Opportunità reale per le cantine?

«È un modello che funziona molto bene su alcuni tipi di progetto, meno su altri», spiega Francesco Magro, ceo e co-founder di Winelivery. «L’azienda che lo adotta deve trovarsi in una fase del ciclo di vita non troppo acerba, ma nemmeno di maturità del business. In più le cifre che è possibile raccogliere in Italia – da 100 a 300 mila euro salvo casi eccezionali – hanno un’incidenza marginale, significativa solo su realtà di medio-piccole dimensioni. Con riferimento alle cantine l’equity crowdfunding non rappresenta un concetto di semplice applicazione. Si tratta di “condividere” coi nuovi soci anche gli asset fisici come i terreni, le vigne, i locali di affinamento, i magazzini. E le realtà vinicole italiane sono spesso famigliari.
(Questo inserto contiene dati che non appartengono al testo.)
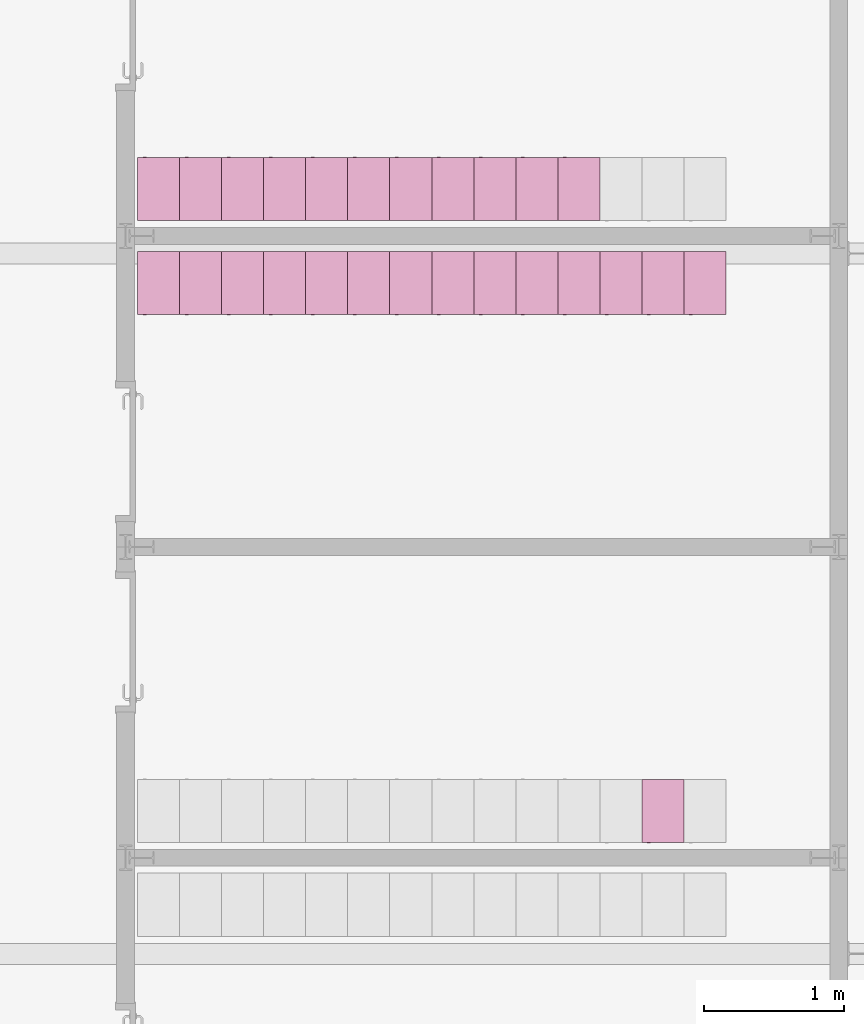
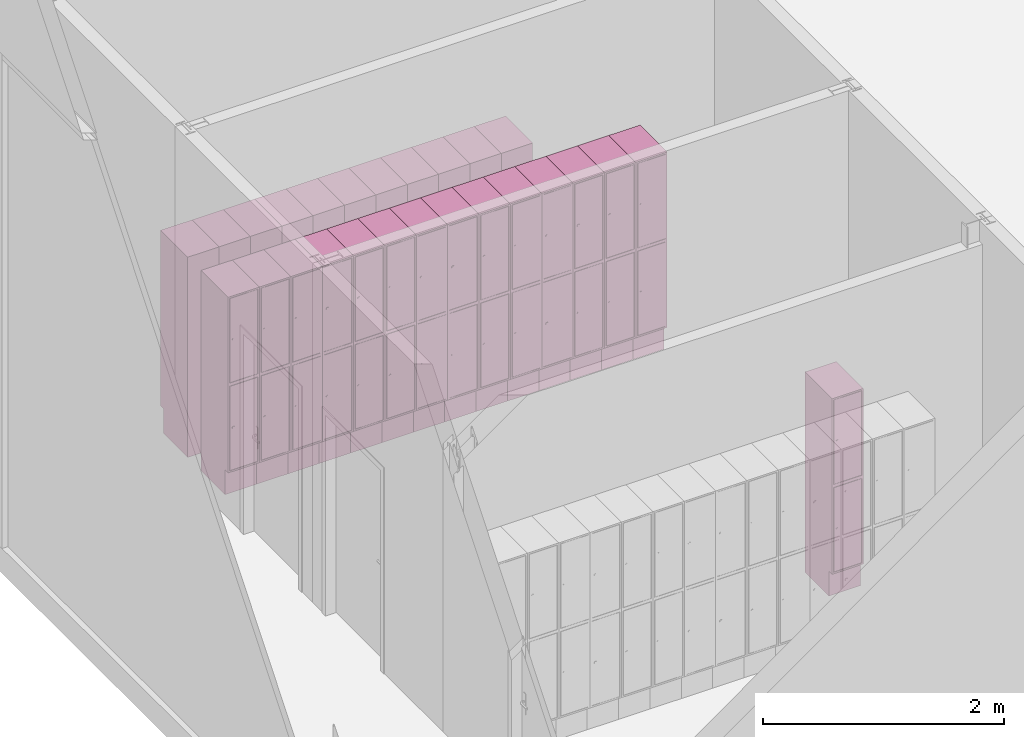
# One storey, part 120 of 137: 26 furnishings.
"""IFC2X3 building model written with IfcOpenShell, lengths in centimetres."""

from ifc_helpers import new_model, entity, si_unit, converted_unit, derived_unit, direction, frame, origin, place, context, subcontext, project, spatial, faceted_brep, source, transform, mapped, material, material_list, type_object, type_shapes, element, save


model = new_model("IFC2X3")

# Units and contexts
model_context = context("Model", 3, precision=0.001, world=origin(), true_north=direction((6.12303176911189e-17, 1.0)))
body_context = subcontext(model_context, "Body", "Model", "MODEL_VIEW")
ifc_project = project(units=[si_unit("LENGTHUNIT", "METRE", prefix="CENTI"), si_unit("AREAUNIT", "SQUARE_METRE"), si_unit("VOLUMEUNIT", "CUBIC_METRE"), converted_unit("PLANEANGLEUNIT", "DEGREE", entity("IfcRatioMeasure", 0.0174532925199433), si_unit("PLANEANGLEUNIT", "RADIAN"), dimensions=[0, 0, 0, 0, 0, 0, 0]), si_unit("MASSUNIT", "GRAM", prefix="KILO"), si_unit("TIMEUNIT", "SECOND"), si_unit("FREQUENCYUNIT", "HERTZ"), si_unit("THERMODYNAMICTEMPERATUREUNIT", "DEGREE_CELSIUS"), derived_unit("THERMALTRANSMITTANCEUNIT", [(si_unit("MASSUNIT", "GRAM", prefix="KILO"), 1), (si_unit("THERMODYNAMICTEMPERATUREUNIT", "KELVIN"), -1), (si_unit("TIMEUNIT", "SECOND"), -3)]), derived_unit("VOLUMETRICFLOWRATEUNIT", [(si_unit("LENGTHUNIT", "METRE"), 3), (si_unit("TIMEUNIT", "SECOND"), -1)]), si_unit("ELECTRICCURRENTUNIT", "AMPERE"), si_unit("ELECTRICVOLTAGEUNIT", "VOLT"), si_unit("POWERUNIT", "WATT"), si_unit("FORCEUNIT", "NEWTON", prefix="KILO"), si_unit("ILLUMINANCEUNIT", "LUX"), si_unit("LUMINOUSFLUXUNIT", "LUMEN"), si_unit("LUMINOUSINTENSITYUNIT", "CANDELA"), derived_unit("USERDEFINED", [(si_unit("MASSUNIT", "GRAM", prefix="KILO"), -1), (si_unit("LENGTHUNIT", "METRE"), -2), (si_unit("TIMEUNIT", "SECOND"), 3), (si_unit("LUMINOUSFLUXUNIT", "LUMEN"), 1)]), derived_unit("LINEARVELOCITYUNIT", [(si_unit("LENGTHUNIT", "METRE"), 1), (si_unit("TIMEUNIT", "SECOND"), -1)]), si_unit("PRESSUREUNIT", "PASCAL"), derived_unit("USERDEFINED", [(si_unit("LENGTHUNIT", "METRE"), -2), (si_unit("MASSUNIT", "GRAM", prefix="KILO"), 1), (si_unit("TIMEUNIT", "SECOND"), -2)])], contexts=[model_context])

# Site, building, storey, space
site_placement = place(None, frame((8.62739174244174, -249.285249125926, 0.0)))
site = spatial("IfcSite", under=ifc_project, at=site_placement, Name="Default", CompositionType="ELEMENT")
building_placement = place(site_placement, origin())
building = spatial("IfcBuilding", under=site, at=building_placement, CompositionType="ELEMENT")
storey_placement = place(building_placement, origin())
storey = spatial("IfcBuildingStorey", under=building, at=storey_placement, Name="RDC", CompositionType="ELEMENT", Elevation=-8.82465566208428e-11)
space_1_placement = place(storey_placement, origin())
space_1 = spatial("IfcSpace", under=storey, at=space_1_placement, Name="080", CompositionType="ELEMENT", InteriorOrExteriorSpace="INTERNAL")

# Furnishings
ifc_material_1 = material(Name="Peinture - Grise")
ifc_material_2 = material(Name="Peinture - Blanc")
ifc_material_list_1 = material_list([ifc_material_1, ifc_material_2])
ifc_material_list_2 = material_list([ifc_material_1, ifc_material_2])
furniture_type_1 = type_object("IfcFurnitureType", Name="Casiers 1x2", AssemblyPlace="NOTDEFINED", material=ifc_material_list_2)
shared_shape_1 = source(origin(), body_context, "Body", "Brep", [
    faceted_brep([(4.63888665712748, 0.299999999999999, 70.5824072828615), (4.96241046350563, 0.299999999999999, 70.6250000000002), (5.28593426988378, 0.299999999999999, 70.5824072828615), (5.58741046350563, 0.299999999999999, 70.4575317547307), (5.84629393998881, 0.299999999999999, 70.2588834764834), (6.04494221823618, 0.299999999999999, 70.0), (6.16981774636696, 0.299999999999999, 69.6985238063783), (6.21241046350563, 0.299999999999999, 69.3750000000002), (6.16981774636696, 0.299999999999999, 69.051476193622), (6.04494221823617, 0.299999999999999, 68.7500000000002), (5.84629393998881, 0.299999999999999, 68.491116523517), (5.58741046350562, 0.299999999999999, 68.2924682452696), (5.28593426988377, 0.299999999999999, 68.1675927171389), (4.96241046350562, 0.299999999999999, 68.1250000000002), (4.63888665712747, 0.299999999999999, 68.1675927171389), (4.33741046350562, 0.299999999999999, 68.2924682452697), (4.07852698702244, 0.299999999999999, 68.491116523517), (3.87987870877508, 0.299999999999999, 68.7500000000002), (3.75500318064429, 0.299999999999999, 69.0514761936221), (3.71241046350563, 0.299999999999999, 69.3750000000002), (3.75500318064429, 0.299999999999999, 69.6985238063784), (3.87987870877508, 0.299999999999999, 70.0), (4.07852698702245, 0.299999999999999, 70.2588834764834), (4.33741046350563, 0.299999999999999, 70.4575317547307), (5.28593426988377, 0.0, 68.1675927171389), (5.58741046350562, 0.0, 68.2924682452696), (5.84629393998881, 0.0, 68.491116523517), (6.04494221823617, 0.0, 68.7500000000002), (6.16981774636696, 0.0, 69.051476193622), (6.21241046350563, 0.0, 69.3750000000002), (6.16981774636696, 0.0, 69.6985238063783), (6.04494221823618, 0.0, 70.0), (5.84629393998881, 0.0, 70.2588834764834), (5.58741046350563, 0.0, 70.4575317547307), (5.28593426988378, 0.0, 70.5824072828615), (4.96241046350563, 0.0, 70.6250000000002), (4.63888665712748, 0.0, 70.5824072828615), (4.33741046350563, 0.0, 70.4575317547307), (4.07852698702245, 0.0, 70.2588834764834), (3.87987870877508, 0.0, 70.0), (3.75500318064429, 0.0, 69.6985238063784), (3.71241046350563, 0.0, 69.3750000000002), (3.75500318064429, 0.0, 69.0514761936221), (3.87987870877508, 0.0, 68.7500000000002), (4.07852698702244, 0.0, 68.491116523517), (4.33741046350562, 0.0, 68.2924682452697), (4.63888665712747, 0.0, 68.1675927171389), (4.96241046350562, 0.0, 68.1250000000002)], [[[0, 1, 2, 3, 4, 5, 6, 7, 8, 9, 10, 11, 12, 13, 14, 15, 16, 17, 18, 19, 20, 21, 22, 23]], [[24, 25, 26, 27, 28, 29, 30, 31, 32, 33, 34, 35, 36, 37, 38, 39, 40, 41, 42, 43, 44, 45, 46, 47]], [[18, 42, 41, 19]], [[17, 43, 42, 18]], [[45, 44, 16, 15]], [[17, 16, 44, 43]], [[46, 45, 15, 14]], [[47, 46, 14, 13]], [[12, 24, 47, 13]], [[11, 25, 24, 12]], [[27, 26, 10, 9]], [[11, 10, 26, 25]], [[28, 27, 9, 8]], [[29, 28, 8, 7]], [[6, 30, 29, 7]], [[5, 31, 30, 6]], [[33, 32, 4, 3]], [[5, 4, 32, 31]], [[34, 33, 3, 2]], [[35, 34, 2, 1]], [[0, 36, 35, 1]], [[23, 37, 36, 0]], [[39, 38, 22, 21]], [[23, 22, 38, 37]], [[40, 39, 21, 20]], [[41, 40, 20, 19]]]),
    faceted_brep([(5.58741046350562, 0.0, 157.042468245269), (5.84629393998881, 0.0, 157.241116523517), (6.04494221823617, 0.0, 157.5), (6.16981774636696, 0.0, 157.801476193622), (6.21241046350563, 0.0, 158.125), (6.16981774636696, 0.0, 158.448523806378), (6.04494221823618, 0.0, 158.75), (5.84629393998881, 0.0, 159.008883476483), (5.58741046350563, 0.0, 159.207531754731), (5.28593426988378, 0.0, 159.332407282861), (4.96241046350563, 0.0, 159.375), (4.63888665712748, 0.0, 159.332407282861), (4.33741046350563, 0.0, 159.207531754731), (4.07852698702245, 0.0, 159.008883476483), (3.87987870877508, 0.0, 158.75), (3.75500318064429, 0.0, 158.448523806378), (3.71241046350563, 0.0, 158.125), (3.75500318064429, 0.0, 157.801476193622), (3.87987870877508, 0.0, 157.5), (4.07852698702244, 0.0, 157.241116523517), (4.33741046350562, 0.0, 157.042468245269), (4.63888665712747, 0.0, 156.917592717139), (4.96241046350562, 0.0, 156.875), (5.28593426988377, 0.0, 156.917592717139), (5.58741046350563, 0.299999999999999, 159.207531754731), (5.84629393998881, 0.299999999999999, 159.008883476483), (6.04494221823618, 0.299999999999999, 158.75), (6.16981774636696, 0.299999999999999, 158.448523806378), (6.21241046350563, 0.299999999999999, 158.125), (6.16981774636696, 0.299999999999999, 157.801476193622), (6.04494221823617, 0.299999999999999, 157.5), (5.84629393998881, 0.299999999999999, 157.241116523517), (5.58741046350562, 0.299999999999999, 157.042468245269), (5.28593426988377, 0.299999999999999, 156.917592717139), (4.96241046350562, 0.299999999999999, 156.875), (4.63888665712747, 0.299999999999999, 156.917592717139), (4.33741046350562, 0.299999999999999, 157.042468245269), (4.07852698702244, 0.299999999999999, 157.241116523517), (3.87987870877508, 0.299999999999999, 157.5), (3.75500318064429, 0.299999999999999, 157.801476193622), (3.71241046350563, 0.299999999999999, 158.125), (3.75500318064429, 0.299999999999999, 158.448523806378), (3.87987870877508, 0.299999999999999, 158.75), (4.07852698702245, 0.299999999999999, 159.008883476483), (4.33741046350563, 0.299999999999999, 159.207531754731), (4.63888665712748, 0.299999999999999, 159.332407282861), (4.96241046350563, 0.299999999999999, 159.375), (5.28593426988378, 0.299999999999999, 159.332407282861)], [[[0, 1, 2, 3, 4, 5, 6, 7, 8, 9, 10, 11, 12, 13, 14, 15, 16, 17, 18, 19, 20, 21, 22, 23]], [[24, 25, 26, 27, 28, 29, 30, 31, 32, 33, 34, 35, 36, 37, 38, 39, 40, 41, 42, 43, 44, 45, 46, 47]], [[39, 17, 16, 40]], [[38, 18, 17, 39]], [[20, 19, 37, 36]], [[38, 37, 19, 18]], [[21, 20, 36, 35]], [[22, 21, 35, 34]], [[33, 23, 22, 34]], [[32, 0, 23, 33]], [[2, 1, 31, 30]], [[32, 31, 1, 0]], [[3, 2, 30, 29]], [[4, 3, 29, 28]], [[27, 5, 4, 28]], [[26, 6, 5, 27]], [[8, 7, 25, 24]], [[26, 25, 7, 6]], [[9, 8, 24, 47]], [[10, 9, 47, 46]], [[45, 11, 10, 46]], [[44, 12, 11, 45]], [[14, 13, 43, 42]], [[44, 43, 13, 12]], [[15, 14, 42, 41]], [[16, 15, 41, 40]]]),
    faceted_brep([(30.0, 45.3, 25.0), (0.0, 45.3, 25.0), (0.0, 5.3, 25.0), (30.0, 5.3, 25.0), (30.0, 45.3, 0.0), (30.0, 5.3, 0.0), (0.0, 5.3, 0.0), (0.0, 45.3, 0.0)], [[[0, 1, 2, 3]], [[4, 5, 6, 7]], [[1, 0, 4, 7]], [[2, 1, 7, 6]], [[3, 2, 6, 5]], [[0, 3, 5, 4]]]),
    faceted_brep([(28.1999999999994, 0.300000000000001, 200.7), (1.79999999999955, 0.300000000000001, 200.7), (1.79999999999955, 0.300000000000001, 115.55), (28.1999999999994, 0.300000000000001, 115.55), (28.1999999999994, 1.79999999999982, 200.7), (28.1999999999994, 1.79999999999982, 115.55), (1.79999999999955, 1.79999999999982, 115.55), (1.79999999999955, 1.79999999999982, 200.7)], [[[0, 1, 2, 3]], [[4, 5, 6, 7]], [[1, 0, 4, 7]], [[2, 1, 7, 6]], [[3, 2, 6, 5]], [[0, 3, 5, 4]]]),
    faceted_brep([(1.79999999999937, 0.300000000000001, 111.95), (28.1999999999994, 0.300000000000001, 111.95), (28.1999999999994, 1.79999999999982, 111.95), (1.79999999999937, 1.79999999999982, 111.95), (1.79999999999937, 0.300000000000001, 26.8000000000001), (1.79999999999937, 1.79999999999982, 26.8000000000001), (28.1999999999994, 0.300000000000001, 26.8000000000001), (28.1999999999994, 1.79999999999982, 26.8000000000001)], [[[0, 1, 2, 3]], [[4, 0, 3, 5]], [[6, 4, 5, 7]], [[1, 6, 7, 2]], [[2, 7, 5, 3]], [[1, 0, 4, 6]]]),
    faceted_brep([(30.0, 0.300000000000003, 25.0), (30.0, 45.3000000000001, 25.0), (30.0, 45.3000000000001, 202.5), (30.0, 0.300000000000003, 202.5), (0.0, 0.300000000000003, 25.0), (0.0, 0.300000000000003, 202.5), (0.0, 45.3000000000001, 202.5), (0.0, 45.3000000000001, 25.0), (28.4999999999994, 0.300000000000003, 26.5), (1.49999999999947, 0.300000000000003, 26.5), (1.49999999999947, 0.300000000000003, 112.25), (28.4999999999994, 0.300000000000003, 112.25), (28.4999999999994, 0.300000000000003, 115.25), (1.49999999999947, 0.300000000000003, 115.25), (1.49999999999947, 0.300000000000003, 201.0), (28.4999999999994, 0.300000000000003, 201.0), (28.4999999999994, 43.7999999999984, 26.5), (28.4999999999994, 43.7999999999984, 112.25), (1.49999999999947, 43.7999999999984, 112.25), (1.49999999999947, 43.7999999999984, 26.5), (28.4999999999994, 43.7999999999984, 115.25), (1.49999999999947, 43.7999999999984, 115.25), (1.49999999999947, 43.7999999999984, 201.0), (28.4999999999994, 43.7999999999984, 201.0)], [[[0, 1, 2, 3]], [[4, 5, 6, 7]], [[1, 0, 4, 7]], [[2, 1, 7, 6]], [[3, 2, 6, 5]], [[0, 3, 5, 4], [8, 9, 10, 11], [12, 13, 14, 15]], [[16, 17, 18, 19]], [[16, 19, 9, 8]], [[19, 18, 10, 9]], [[18, 17, 11, 10]], [[17, 16, 8, 11]], [[20, 21, 13, 12]], [[21, 22, 14, 13]], [[22, 23, 15, 14]], [[23, 20, 12, 15]], [[20, 23, 22, 21]]]),
])
type_shapes(furniture_type_1, [shared_shape_1])
furnishing_1_placement = place(space_1_placement, frame((1188.90482780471, 2318.18020806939, 0.0)))
element("IfcFurnishingElement", 1, at=furnishing_1_placement, inside=space_1, type_object=furniture_type_1, material=ifc_material_list_1, Name="Casiers 1x2:Casiers 1x2", ObjectType="Casiers 1x2", context=body_context, shape_type="MappedRepresentation", body=[
    mapped(shared_shape_1, transform((0.0, 0.0, 0.0), scale=1.0)),
])
ifc_material_list_3 = material_list([ifc_material_1, ifc_material_2])
furnishing_2_placement = place(space_1_placement, frame((1158.90482780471, 2318.18020806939, 0.0)))
element("IfcFurnishingElement", 2, at=furnishing_2_placement, inside=space_1, type_object=furniture_type_1, material=ifc_material_list_3, Name="Casiers 1x2:Casiers 1x2", ObjectType="Casiers 1x2", context=body_context, shape_type="MappedRepresentation", body=[
    mapped(shared_shape_1, transform((0.0, 0.0, 0.0), scale=1.0)),
])
ifc_material_list_4 = material_list([ifc_material_1, ifc_material_2])
furnishing_3_placement = place(space_1_placement, frame((1128.90482780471, 2318.18020806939, 0.0)))
element("IfcFurnishingElement", 3, at=furnishing_3_placement, inside=space_1, type_object=furniture_type_1, material=ifc_material_list_4, Name="Casiers 1x2:Casiers 1x2", ObjectType="Casiers 1x2", context=body_context, shape_type="MappedRepresentation", body=[
    mapped(shared_shape_1, transform((0.0, 0.0, 0.0), scale=1.0)),
])
ifc_material_list_5 = material_list([ifc_material_1, ifc_material_2])
furnishing_4_placement = place(space_1_placement, frame((1098.90482780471, 2318.18020806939, 0.0)))
element("IfcFurnishingElement", 4, at=furnishing_4_placement, inside=space_1, type_object=furniture_type_1, material=ifc_material_list_5, Name="Casiers 1x2:Casiers 1x2", ObjectType="Casiers 1x2", context=body_context, shape_type="MappedRepresentation", body=[
    mapped(shared_shape_1, transform((0.0, 0.0, 0.0), scale=1.0)),
])
ifc_material_list_6 = material_list([ifc_material_1, ifc_material_2])
furnishing_5_placement = place(space_1_placement, frame((1068.90482780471, 2318.18020806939, 0.0)))
element("IfcFurnishingElement", 5, at=furnishing_5_placement, inside=space_1, type_object=furniture_type_1, material=ifc_material_list_6, Name="Casiers 1x2:Casiers 1x2", ObjectType="Casiers 1x2", context=body_context, shape_type="MappedRepresentation", body=[
    mapped(shared_shape_1, transform((0.0, 0.0, 0.0), scale=1.0)),
])
ifc_material_list_7 = material_list([ifc_material_1, ifc_material_2])
furnishing_6_placement = place(space_1_placement, frame((1038.90482780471, 2318.18020806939, 0.0)))
element("IfcFurnishingElement", 6, at=furnishing_6_placement, inside=space_1, type_object=furniture_type_1, material=ifc_material_list_7, Name="Casiers 1x2:Casiers 1x2", ObjectType="Casiers 1x2", context=body_context, shape_type="MappedRepresentation", body=[
    mapped(shared_shape_1, transform((0.0, 0.0, 0.0), scale=1.0)),
])
ifc_material_list_8 = material_list([ifc_material_1, ifc_material_2])
furnishing_7_placement = place(space_1_placement, frame((1338.90482780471, 2318.18020806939, 0.0)))
element("IfcFurnishingElement", 7, at=furnishing_7_placement, inside=space_1, type_object=furniture_type_1, material=ifc_material_list_8, Name="Casiers 1x2:Casiers 1x2", ObjectType="Casiers 1x2", context=body_context, shape_type="MappedRepresentation", body=[
    mapped(shared_shape_1, transform((0.0, 0.0, 0.0), scale=1.0)),
])
ifc_material_list_9 = material_list([ifc_material_1, ifc_material_2])
furnishing_8_placement = place(space_1_placement, frame((1308.90482780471, 2318.18020806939, 0.0)))
element("IfcFurnishingElement", 8, at=furnishing_8_placement, inside=space_1, type_object=furniture_type_1, material=ifc_material_list_9, Name="Casiers 1x2:Casiers 1x2", ObjectType="Casiers 1x2", context=body_context, shape_type="MappedRepresentation", body=[
    mapped(shared_shape_1, transform((0.0, 0.0, 0.0), scale=1.0)),
])
ifc_material_list_10 = material_list([ifc_material_1, ifc_material_2])
furnishing_9_placement = place(space_1_placement, frame((1278.90482780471, 2318.18020806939, 0.0)))
element("IfcFurnishingElement", 9, at=furnishing_9_placement, inside=space_1, type_object=furniture_type_1, material=ifc_material_list_10, Name="Casiers 1x2:Casiers 1x2", ObjectType="Casiers 1x2", context=body_context, shape_type="MappedRepresentation", body=[
    mapped(shared_shape_1, transform((0.0, 0.0, 0.0), scale=1.0)),
])
ifc_material_list_11 = material_list([ifc_material_1, ifc_material_2])
furnishing_10_placement = place(space_1_placement, frame((1248.90482780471, 2318.18020806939, 0.0)))
element("IfcFurnishingElement", 10, at=furnishing_10_placement, inside=space_1, type_object=furniture_type_1, material=ifc_material_list_11, Name="Casiers 1x2:Casiers 1x2", ObjectType="Casiers 1x2", context=body_context, shape_type="MappedRepresentation", body=[
    mapped(shared_shape_1, transform((0.0, 0.0, 0.0), scale=1.0)),
])
ifc_material_list_12 = material_list([ifc_material_1, ifc_material_2])
furnishing_11_placement = place(space_1_placement, frame((1218.90482780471, 2318.18020806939, 0.0)))
element("IfcFurnishingElement", 11, at=furnishing_11_placement, inside=space_1, type_object=furniture_type_1, material=ifc_material_list_12, Name="Casiers 1x2:Casiers 1x2", ObjectType="Casiers 1x2", context=body_context, shape_type="MappedRepresentation", body=[
    mapped(shared_shape_1, transform((0.0, 0.0, 0.0), scale=1.0)),
])
ifc_material_list_13 = material_list([ifc_material_1, ifc_material_2])
furnishing_12_placement = place(space_1_placement, frame((1428.90482780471, 2318.18020806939, 0.0)))
element("IfcFurnishingElement", 12, at=furnishing_12_placement, inside=space_1, type_object=furniture_type_1, material=ifc_material_list_13, Name="Casiers 1x2:Casiers 1x2", ObjectType="Casiers 1x2", context=body_context, shape_type="MappedRepresentation", body=[
    mapped(shared_shape_1, transform((0.0, 0.0, 0.0), scale=1.0)),
])
ifc_material_list_14 = material_list([ifc_material_1, ifc_material_2])
furnishing_13_placement = place(space_1_placement, frame((1398.90482780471, 2318.18020806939, 0.0)))
element("IfcFurnishingElement", 13, at=furnishing_13_placement, inside=space_1, type_object=furniture_type_1, material=ifc_material_list_14, Name="Casiers 1x2:Casiers 1x2", ObjectType="Casiers 1x2", context=body_context, shape_type="MappedRepresentation", body=[
    mapped(shared_shape_1, transform((0.0, 0.0, 0.0), scale=1.0)),
])
ifc_material_list_15 = material_list([ifc_material_1, ifc_material_2])
furnishing_14_placement = place(space_1_placement, frame((1368.90482780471, 2318.18020806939, 0.0)))
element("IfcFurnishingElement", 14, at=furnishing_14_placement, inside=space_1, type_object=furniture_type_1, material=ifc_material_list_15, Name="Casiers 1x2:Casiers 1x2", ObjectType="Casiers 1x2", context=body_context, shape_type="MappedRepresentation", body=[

L’altro tema è quello della crescita: il modello è reso interessante dall’alta remunerazione che offre ai sottoscrittori, ma una cantina difficilmente ha i margini di crescita paragonabili a una start-up».

Francesco Magro e Andrea Antinori, fondatori di Winelivery

La terza via: il lending crowdfunding

A calzare meglio sulle esigenze delle aziende vitivinicole potrebbe allora essere un terzo tipo di finanziamento collettivo: il lending crowdfunding, o P2P lending, cioè una erogazione di prestito attraverso piattaforme online, come Borsadelcredito o Prestiamoci,verso soggetti privati o istituzionali, con interessi prestabiliti. Un’alternativa in ascesa all’erogazione bancaria oggi smorzata dal credit crunch.
«È un settore in forte crescita e per sua natura più adatto a imprese che hanno un business consolidato come quelle che producono vino», spiega ancora Magro, «e si basa su una garanzia di rimborso dei sottoscrittori piuttosto che su una scommessa di crescita. Dunque aderisce meglio al profilo di medie imprese del settore vinicolo e, in un momento di crisi di liquidità come quello attuale, può essere potenzialmente interessante».